__TASK DETAILS__.
Nothing but the lines from the first line of the material below through the line that holds "doc.units = 0" should be set down, exactly and with pictures left out.
= = =
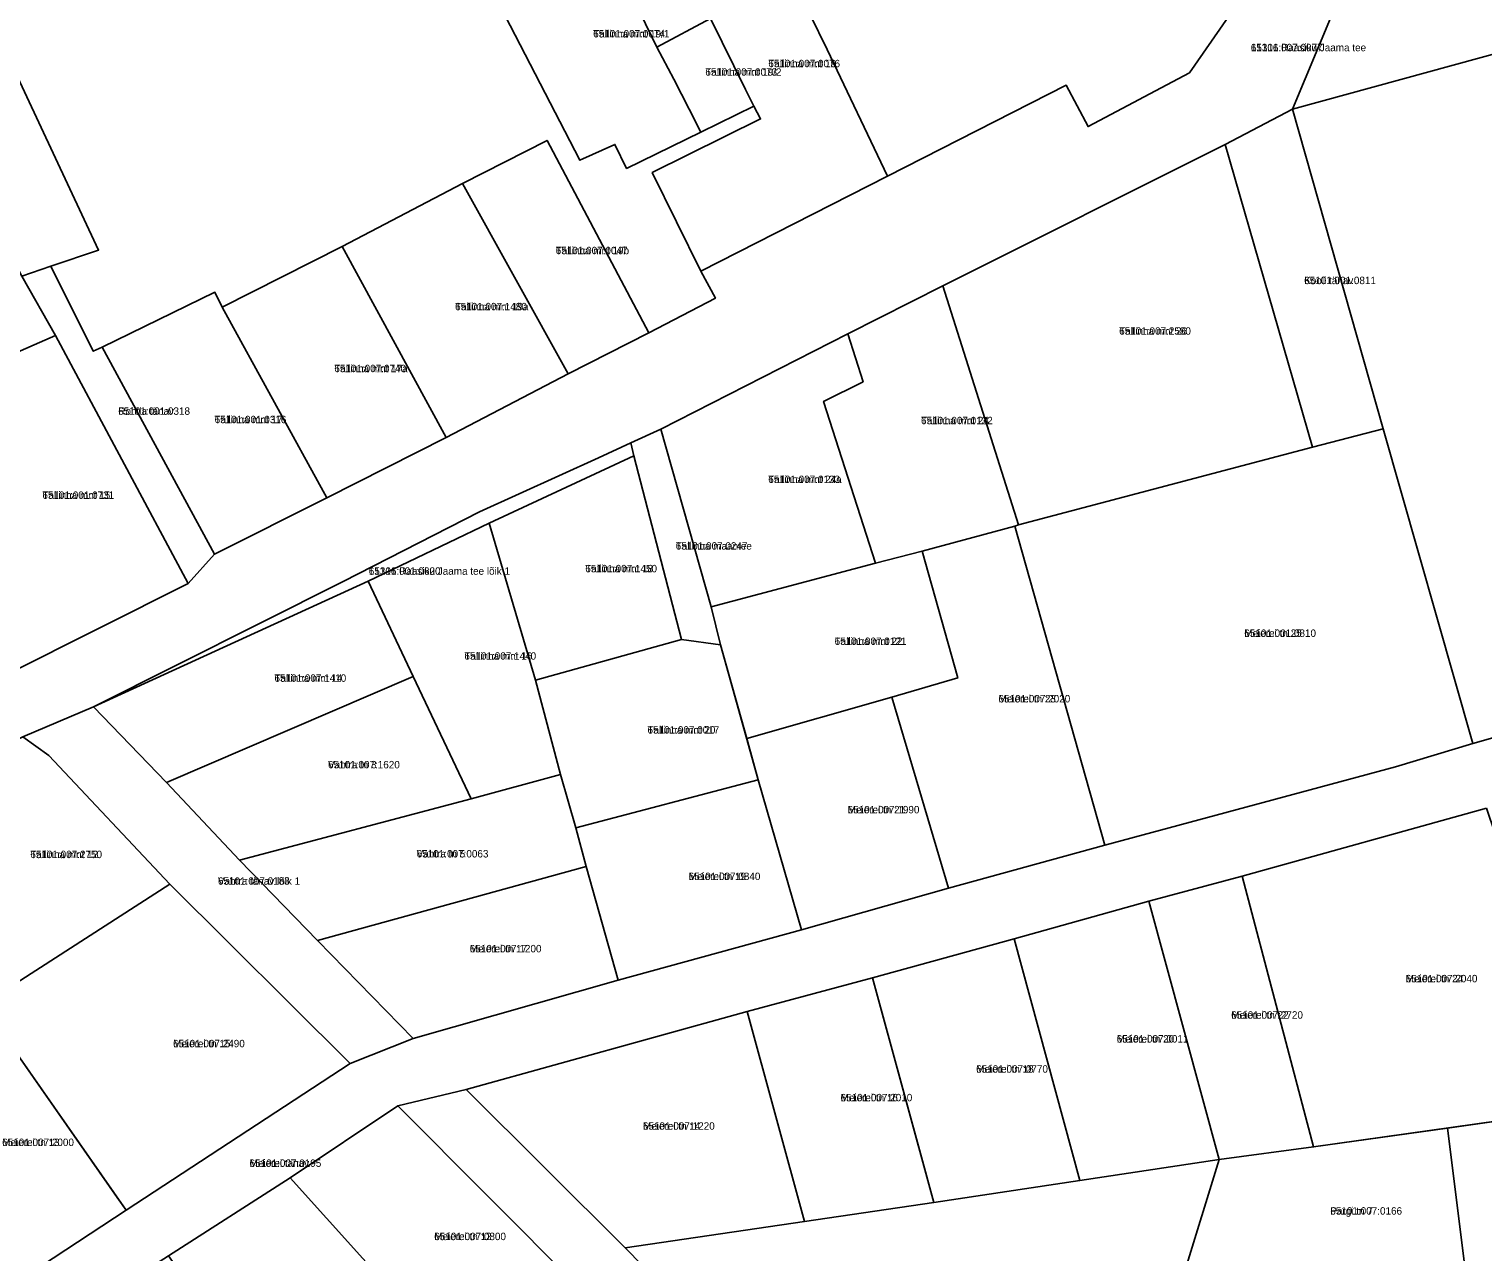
# Model space of a CAD drawing. Extents: x 556044 to 574504, y 6567077 to 6586269.
# Drawn here: x 567080 to 567373.8, y 6581628.6 to 6581875.7 of the extents above; entities that cross this region are included whole.
import ezdxf

# ---------------------------------------------------------------- set-up
doc = ezdxf.new("R2010")
doc.units = 0
for name, color, linetype in [('L_AADRESS', 7, 'Continuous'), ('PIIR', 7, 'Continuous'), ('TUNNUS', 7, 'Continuous')]:
    doc.layers.add(name, color=color, linetype=linetype)

msp = doc.modelspace()

# ---------------------------------------------------------------- linework, layer by layer
at = {"layer": 'PIIR'}
for points in [[(567014.26, 6582001.46), (567093.99, 6581831.04), (567084.34, 6581827.81), (567078.5, 6581825.81), (567077.82, 6581827.05), (567067.02, 6581825.68), (567025.69, 6581841.32), (567006.04, 6581848.76), (566993.17, 6581853.62), (566992.17, 6581852.82), (566966.02, 6581831.93), (566962.55, 6581829.16), (566951.98, 6581841.96), (566931.5, 6581866.86), (566914.02, 6581888.06), (566893.65, 6581912.75), (566866.32, 6581945.94), (566885.12, 6581950.36), (566940.48, 6581973.7), (566992.88, 6581993.38)], [(567270.92, 6581955.13), (567281.67, 6581960.47), (567323.94, 6581880.53), (567314.44, 6581866.86), (567293.98, 6581856.01), (567289.56, 6581864.36), (567253.46, 6581846.01), (567241.23, 6581871.6), (567237.82, 6581878.61), (567243.2, 6581881.25), (567239.66, 6581888.53), (567236.87, 6581894.25), (567234.05, 6581892.86), (567230.76, 6581899.52), (567223.74, 6581913.26), (567205.24, 6581903.53), (567217.69, 6581877.83), (567206.81, 6581872.06), (567194.34, 6581897.8), (567187.51, 6581913.79), (567266.1, 6581952.74)], [(567629.72, 6581940.2), (567638.16, 6581907.83), (567649.99, 6581862.47), (567619.51, 6581856.01), (567590.65, 6581847.86), (567562.39, 6581840.49), (567575.65, 6581784.96), (567484.74, 6581762.54), (567471.97, 6581811.83), (567426.35, 6581800.07), (567434.22, 6581749.07), (567371.73, 6581731.37), (567353.62, 6581794.95), (567335.32, 6581859.5)], [(567223.74, 6581913.26), (567230.76, 6581899.52), (567234.05, 6581892.86), (567236.87, 6581894.25), (567239.66, 6581888.53), (567243.2, 6581881.25), (567237.82, 6581878.61), (567241.23, 6581871.6), (567253.46, 6581846.01), (567215.72, 6581826.79), (567205.88, 6581846.7), (567227.8, 6581857.56), (567226.44, 6581860.16), (567224.73, 6581863.52), (567217.69, 6581877.83), (567205.24, 6581903.53)], [(567194.34, 6581897.8), (567206.81, 6581872.06), (567210.28, 6581865.59), (567213.38, 6581859.56), (567215.74, 6581854.88), (567200.71, 6581847.55), (567198.35, 6581852.42), (567191.26, 6581849.22), (567172.19, 6581886.16)], [(567217.69, 6581877.83), (567224.73, 6581863.52), (567226.44, 6581860.16), (567215.74, 6581854.88), (567213.38, 6581859.56), (567210.28, 6581865.59), (567206.81, 6581872.06)], [(567339.34, 6581791.21), (567321.68, 6581852.4), (567335.32, 6581859.5), (567353.62, 6581794.95)], [(567188.89, 6581806.02), (567167.55, 6581844.5), (567184.64, 6581853.21), (567205.23, 6581814.3)], [(567264.62, 6581823.8), (567321.68, 6581852.4), (567339.34, 6581791.21), (567279.91, 6581775.5)], [(567167.55, 6581844.5), (567188.89, 6581806.02), (567164.28, 6581793.15), (567143.2, 6581831.8)], [(567024.66, 6581838.61), (567025.69, 6581841.32), (567067.02, 6581825.68), (567077.82, 6581827.05), (567078.5, 6581825.81), (567085.27, 6581813.81), (567053.22, 6581799.79), (567032.95, 6581790.96), (567006.37, 6581779.12), (567003.58, 6581783.03)], [(567118.99, 6581819.54), (567143.2, 6581831.8), (567164.28, 6581793.15), (567140.15, 6581781.01)], [(567085.27, 6581813.81), (567078.5, 6581825.81), (567084.34, 6581827.81), (567092.94, 6581810.62), (567094.74, 6581811.45), (567117.46, 6581769.59), (567112.08, 6581763.71)], [(567117.46, 6581769.59), (567094.74, 6581811.45), (567117.52, 6581822.55), (567118.99, 6581819.54), (567140.15, 6581781.01)], [(567245.42, 6581814.14), (567264.62, 6581823.8), (567279.91, 6581775.5), (567279.15, 6581775.28), (567260.47, 6581770.2), (567251.04, 6581767.77), (567240.52, 6581800.46), (567248.52, 6581804.46)], [(567075.74, 6581745.41), (567053.22, 6581799.79), (567085.27, 6581813.81), (567112.08, 6581763.71)], [(567207.63, 6581794.86), (567245.42, 6581814.14), (567248.52, 6581804.46), (567240.52, 6581800.46), (567251.04, 6581767.77), (567217.78, 6581758.98)], [(567202.19, 6581789.5), (567172.93, 6581775.85), (567148.49, 6581764.16), (567092.97, 6581738.78), (567143.4, 6581764.08), (567171, 6581778.16), (567195, 6581789.1), (567201.56, 6581792.09)], [(567201.56, 6581792.09), (567207.63, 6581794.86), (567217.78, 6581758.98), (567219.71, 6581751.3), (567211.78, 6581752.37), (567202.19, 6581789.5)], [(567297.39, 6581710.83), (567279.15, 6581775.28), (567279.91, 6581775.5), (567339.34, 6581791.21), (567353.62, 6581794.95), (567371.73, 6581731.37), (567356.11, 6581726.65)], [(567211.78, 6581752.37), (567182.27, 6581744.16), (567172.93, 6581775.85), (567202.19, 6581789.5)], [(567172.93, 6581775.85), (567182.27, 6581744.16), (567187.37, 6581725.11), (567169.33, 6581720.16), (567157.57, 6581744.86), (567148.49, 6581764.16)], [(567297.39, 6581710.83), (567265.79, 6581702.12), (567254.34, 6581740.71), (567267.65, 6581744.6), (567260.47, 6581770.2), (567279.15, 6581775.28)], [(567217.78, 6581758.98), (567251.04, 6581767.77), (567260.47, 6581770.2), (567267.65, 6581744.6), (567254.34, 6581740.71), (567225, 6581732.33), (567219.71, 6581751.3)], [(567107.71, 6581723.46), (567092.97, 6581738.78), (567148.49, 6581764.16), (567157.57, 6581744.86)], [(567211.78, 6581752.37), (567219.71, 6581751.3), (567227.32, 6581723.99), (567190.48, 6581714.3), (567187.37, 6581725.11), (567182.27, 6581744.16)], [(567107.71, 6581723.46), (567157.57, 6581744.86), (567169.33, 6581720.16), (567122.46, 6581707.77)], [(567225, 6581732.33), (567254.34, 6581740.71), (567265.79, 6581702.12), (567236.08, 6581693.66), (567227.32, 6581723.99)], [(567078.69, 6581732.69), (567092.97, 6581738.78), (567107.71, 6581723.46), (567122.46, 6581707.77), (567138.26, 6581691.51), (567157.57, 6581671.76), (567144.85, 6581666.66), (567108.42, 6581702.89), (567083.94, 6581728.92)], [(567052.48, 6581718.38), (567051.97, 6581719.68), (567078.69, 6581732.69), (567083.94, 6581728.92), (567108.42, 6581702.89), (567075.23, 6581681.57)], [(567122.46, 6581707.77), (567169.33, 6581720.16), (567187.37, 6581725.11), (567190.48, 6581714.3), (567192.56, 6581706.51), (567138.26, 6581691.51)], [(567192.56, 6581706.51), (567190.48, 6581714.3), (567227.32, 6581723.99), (567236.08, 6581693.66), (567199.02, 6581683.51)], [(567374.48, 6581718.3), (567376.27, 6581713.09), (567391.21, 6581657.13), (567339.55, 6581649.81), (567325.12, 6581704.5)], [(567157.57, 6581671.76), (567138.26, 6581691.51), (567192.56, 6581706.51), (567199.02, 6581683.51)], [(567325.12, 6581704.5), (567339.55, 6581649.81), (567320.49, 6581647.25), (567306.26, 6581699.46)], [(567144.85, 6581666.66), (567099.59, 6581637.02), (567097.77, 6581639.62), (567070.56, 6581678.54), (567075.23, 6581681.57), (567108.42, 6581702.89)], [(567306.26, 6581699.46), (567320.47, 6581647.26), (567292.28, 6581643.06), (567279.05, 6581691.89)], [(567279.05, 6581691.89), (567292.28, 6581643.06), (567262.82, 6581638.62), (567250.44, 6581683.96)], [(567250.44, 6581683.96), (567260.32, 6581647.76), (567262.82, 6581638.62), (567236.66, 6581634.77), (567225.07, 6581677.21)], [(567077.58, 6581622.54), (567049.44, 6581664.62), (567052.39, 6581666.53), (567070.56, 6581678.54), (567099.59, 6581637.02)], [(567225.07, 6581677.21), (567236.66, 6581634.77), (567200.45, 6581629.4), (567168.28, 6581661.43)], [(567154.47, 6581658.14), (567190.94, 6581621.55), (567169.41, 6581602.79), (567132.73, 6581643.59)], [(567315.49, 6581512.18), (567334.96, 6581538.08), (567355.32, 6581567.95), (567359.48, 6581574.07), (567366.19, 6581593.15), (567372.11, 6581609.97), (567371.02, 6581618.65), (567366.61, 6581653.63), (567391.21, 6581657.13), (567396.85, 6581609.93), (567392.35, 6581593.39), (567383.79, 6581567.57), (567373.67, 6581548.26), (567363.02, 6581530.31), (567334.34, 6581493.11)], [(567320.47, 6581647.26), (567339.55, 6581649.81), (567366.61, 6581653.63), (567371.02, 6581618.65), (567313.38, 6581624.3)], [(567200.45, 6581629.4), (567236.66, 6581634.77), (567262.82, 6581638.62), (567292.28, 6581643.06), (567320.47, 6581647.26), (567313.38, 6581624.3), (567306.28, 6581601.35), (567299.18, 6581578.4), (567292.07, 6581555.45), (567334.96, 6581538.08), (567315.49, 6581512.18)], [(567132.73, 6581643.59), (567169.41, 6581602.79), (567152.7, 6581587.99), (567127.51, 6581576.8), (567128.27, 6581599.18), (567108.11, 6581627.8)]]:
    msp.add_lwpolyline(points, close=True, dxfattribs=at)
for points in [[(567172.19, 6581886.16), (567191.26, 6581849.22), (567198.35, 6581852.42), (567200.71, 6581847.55), (567215.74, 6581854.88), (567226.44, 6581860.16), (567227.8, 6581857.56), (567205.88, 6581846.7), (567215.72, 6581826.79), (567218.67, 6581821.36), (567205.23, 6581814.3), (567184.64, 6581853.21), (567167.55, 6581844.5), (567143.2, 6581831.8), (567118.99, 6581819.54), (567117.52, 6581822.55), (567094.74, 6581811.45), (567092.94, 6581810.62), (567084.34, 6581827.81), (567093.99, 6581831.04), (567014.26, 6582001.46)], [(567629.72, 6581940.2), (567335.32, 6581859.5), (567343.29, 6581878.7)], [(566854.58, 6581638.07), (566878.02, 6581649.75), (566925.86, 6581672.72), (566949.96, 6581684.44), (566974.51, 6581696.39), (567006.11, 6581711.87), (567032.2, 6581724.55), (567057.87, 6581736.37), (567075.74, 6581745.41), (567112.08, 6581763.71), (567117.46, 6581769.59), (567140.15, 6581781.01), (567164.28, 6581793.15), (567188.89, 6581806.02), (567205.23, 6581814.3), (567218.67, 6581821.36), (567215.72, 6581826.79), (567253.46, 6581846.01), (567289.56, 6581864.36), (567293.98, 6581856.01), (567314.44, 6581866.86), (567323.94, 6581880.53)], [(567343.29, 6581878.7), (567335.32, 6581859.5), (567321.68, 6581852.4), (567264.62, 6581823.8), (567245.42, 6581814.14), (567207.63, 6581794.86), (567201.56, 6581792.09), (567195, 6581789.1), (567171, 6581778.16), (567143.4, 6581764.08), (567092.97, 6581738.78), (567078.69, 6581732.69), (567051.97, 6581719.68), (567052.48, 6581718.38), (567028.28, 6581705.9), (567005.45, 6581694.93), (566954.49, 6581670.99), (566912.04, 6581650.08), (566903.42, 6581645.98), (566880.35, 6581635.22), (566854.57, 6581622.56)], [(566867.31, 6581506.14), (566883.3, 6581503.67), (566902.2, 6581507.27), (566919.12, 6581517.92), (566918.6, 6581518.7), (566970.04, 6581553.01), (566974.46, 6581556.22), (567013.09, 6581581), (567036.65, 6581596.08), (567056.01, 6581608.51), (567077.58, 6581622.54), (567099.59, 6581637.02), (567144.85, 6581666.66), (567157.57, 6581671.76), (567199.02, 6581683.51), (567236.08, 6581693.66), (567265.79, 6581702.12), (567297.39, 6581710.83), (567356.11, 6581726.65), (567371.73, 6581731.37), (567434.22, 6581749.07)], [(567374.48, 6581718.3), (567325.12, 6581704.5), (567306.26, 6581699.46), (567279.05, 6581691.89), (567250.44, 6581683.96), (567225.07, 6581677.21), (567168.28, 6581661.43), (567154.47, 6581658.14), (567132.73, 6581643.59), (567108.11, 6581627.8), (567085.44, 6581613.26), (567061.12, 6581597.61), (567001.81, 6581557.4), (566978.5, 6581541.73), (566954.26, 6581525.74), (566915.51, 6581499.92), (566917.8, 6581497.62), (566928.98, 6581495.85), (566926.09, 6581477.65), (566926.27, 6581467.58), (566867.87, 6581479.18)], [(567382.58, 6581440.11), (567373, 6581438.51), (567344.09, 6581466.95), (567338.61, 6581472.69), (567324.3, 6581485.79), (567304.52, 6581507.32), (567253.54, 6581559.23), (567219.22, 6581593.28), (567190.94, 6581621.55), (567154.47, 6581658.14), (567168.28, 6581661.43), (567200.45, 6581629.4), (567315.49, 6581512.18), (567334.34, 6581493.11), (567352.02, 6581476.04), (567372.26, 6581453.88), (567376.17, 6581450.8)]]:
    msp.add_lwpolyline(points, dxfattribs=at)

# ---------------------------------------------------------------- texts
at = {"layer": 'L_AADRESS'}
for s, p in [('Tallinna mnt 19/1', (567193.96, 6581874.02)), ('11316 Raasiku Jaama tee', (567326.86, 6581871.24)), ('Tallinna mnt 19', (567229.35, 6581868.01)), ('Tallinna mnt 19/2', (567216.62, 6581866.29)), ('Tallinna mnt 19b', (567186.39, 6581830.22)), ('Kooli tänav', (567337.65, 6581824.17)), ('Tallinna mnt 19a', (567166.05, 6581818.89)), ('Tallinna mnt 26', (567300.26, 6581813.95)), ('Tallinna mnt 17a', (567141.64, 6581806.38)), ('Rohtla tänav', (567097.98, 6581797.77)), ('Tallinna mnt 17', (567117.45, 6581796.07)), ('Tallinna mnt 24', (567260.21, 6581795.86)), ('Tallinna mnt 24a', (567229.34, 6581783.98)), ('Tallinna mnt 15', (567082.65, 6581780.78)), ('Tallinna maantee', (567210.64, 6581770.52)), ('11316 Raasiku Jaama tee lõik 1', (567148.61, 6581765.44)), ('Tallinna mnt 18', (567192.36, 6581765.94)), ('Meierei tn 25', (567325.54, 6581752.89)), ('Tallinna mnt 22', (567242.75, 6581751.26)), ('Tallinna mnt 16', (567167.93, 6581748.28)), ('Tallinna mnt 14', (567129.55, 6581743.81)), ('Meierei tn 23', (567275.87, 6581739.64)), ('Tallinna mnt 20', (567204.94, 6581733.34)), ('Vahtra tn 3', (567140.38, 6581726.32)), ('Meierei tn 21', (567245.39, 6581717.23)), ('Vahtra tn 5', (567158.29, 6581708.31)), ('Tallinna mnt 12', (567080.2, 6581708.18)), ('Vahtra tänav lõik 1', (567118.13, 6581702.8)), ('Meierei tn 19', (567213.25, 6581703.75)), ('Meierei tn 17', (567169.01, 6581689.14)), ('Meierei tn 24', (567358.16, 6581683.09)), ('Meierei tn 22', (567322.9, 6581675.74)), ('Meierei tn 20', (567299.76, 6581670.91)), ('Meierei tn 15', (567109.05, 6581669.96)), ('Meierei tn 18', (567271.36, 6581664.83)), ('Meierei tn 16', (567243.95, 6581659.04)), ('Meierei tn 14', (567204.02, 6581653.3)), ('Meierei tn 13', (567074.52, 6581650)), ('Meierei tänav', (567124.51, 6581645.79)), ('Pargi tn 7', (567342.93, 6581636.14)), ('Meierei tn 12', (567161.83, 6581630.98))]:
    msp.add_text(s, height=1.5, dxfattribs=at).set_placement(p)
at = {"layer": 'TUNNUS'}
for s, p in [('65101:007:0074', (567193.96, 6581874.02)), ('65101:007:0077', (567326.86, 6581871.24)), ('65101:007:0076', (567229.35, 6581868.01)), ('65101:007:0073', (567216.62, 6581866.29)), ('65101:007:0047', (567186.39, 6581830.22)), ('65101:001:0811', (567337.65, 6581824.17)), ('65101:007:1480', (567166.05, 6581818.89)), ('65101:007:2580', (567300.26, 6581813.95)), ('65101:007:0740', (567141.64, 6581806.38)), ('65101:001:0318', (567097.98, 6581797.77)), ('65101:001:0316', (567117.45, 6581796.07)), ('65101:007:0132', (567260.21, 6581795.86)), ('65101:007:0133', (567229.34, 6581783.98)), ('65101:001:0731', (567082.65, 6581780.78)), ('65101:007:0247', (567210.64, 6581770.52)), ('65101:001:0620', (567148.61, 6581765.44)), ('65101:007:1450', (567192.36, 6581765.94)), ('65101:001:0810', (567325.54, 6581752.89)), ('65101:007:0121', (567242.75, 6581751.26)), ('65101:007:1440', (567167.93, 6581748.28)), ('65101:007:1410', (567129.55, 6581743.81)), ('65101:007:2020', (567275.87, 6581739.64)), ('65101:007:0017', (567204.94, 6581733.34)), ('65101:007:1620', (567140.38, 6581726.32)), ('65101:007:1990', (567245.39, 6581717.23)), ('65101:007:0063', (567158.29, 6581708.31)), ('65101:007:2750', (567080.2, 6581708.18)), ('65101:007:0183', (567118.13, 6581702.8)), ('65101:007:0840', (567213.25, 6581703.75)), ('65101:007:1200', (567169.01, 6581689.14)), ('65101:007:2040', (567358.16, 6581683.09)), ('65101:007:2720', (567322.9, 6581675.74)), ('65101:007:0011', (567299.76, 6581670.91)), ('65101:007:2490', (567109.05, 6581669.96)), ('65101:007:0770', (567271.36, 6581664.83)), ('65101:007:2010', (567243.95, 6581659.04)), ('65101:007:1220', (567204.02, 6581653.3)), ('65101:007:2000', (567074.52, 6581650)), ('65101:007:0195', (567124.51, 6581645.79)), ('65101:007:0166', (567342.93, 6581636.14)), ('65101:007:0800', (567161.83, 6581630.98))]:
    msp.add_text(s, height=1.5, dxfattribs=at).set_placement(p)

doc.saveas('drawing.dxf')
= = =
__TASK ANSWER__.
# Model space of a CAD drawing. Extents: x 556044 to 574504, y 6567077 to 6586269.
# Drawn here: x 567080 to 567373.8, y 6581628.6 to 6581875.7 of the extents above; entities that cross this region are included whole.
import ezdxf

# ---------------------------------------------------------------- set-up
doc = ezdxf.new("R2010")
doc.units = 0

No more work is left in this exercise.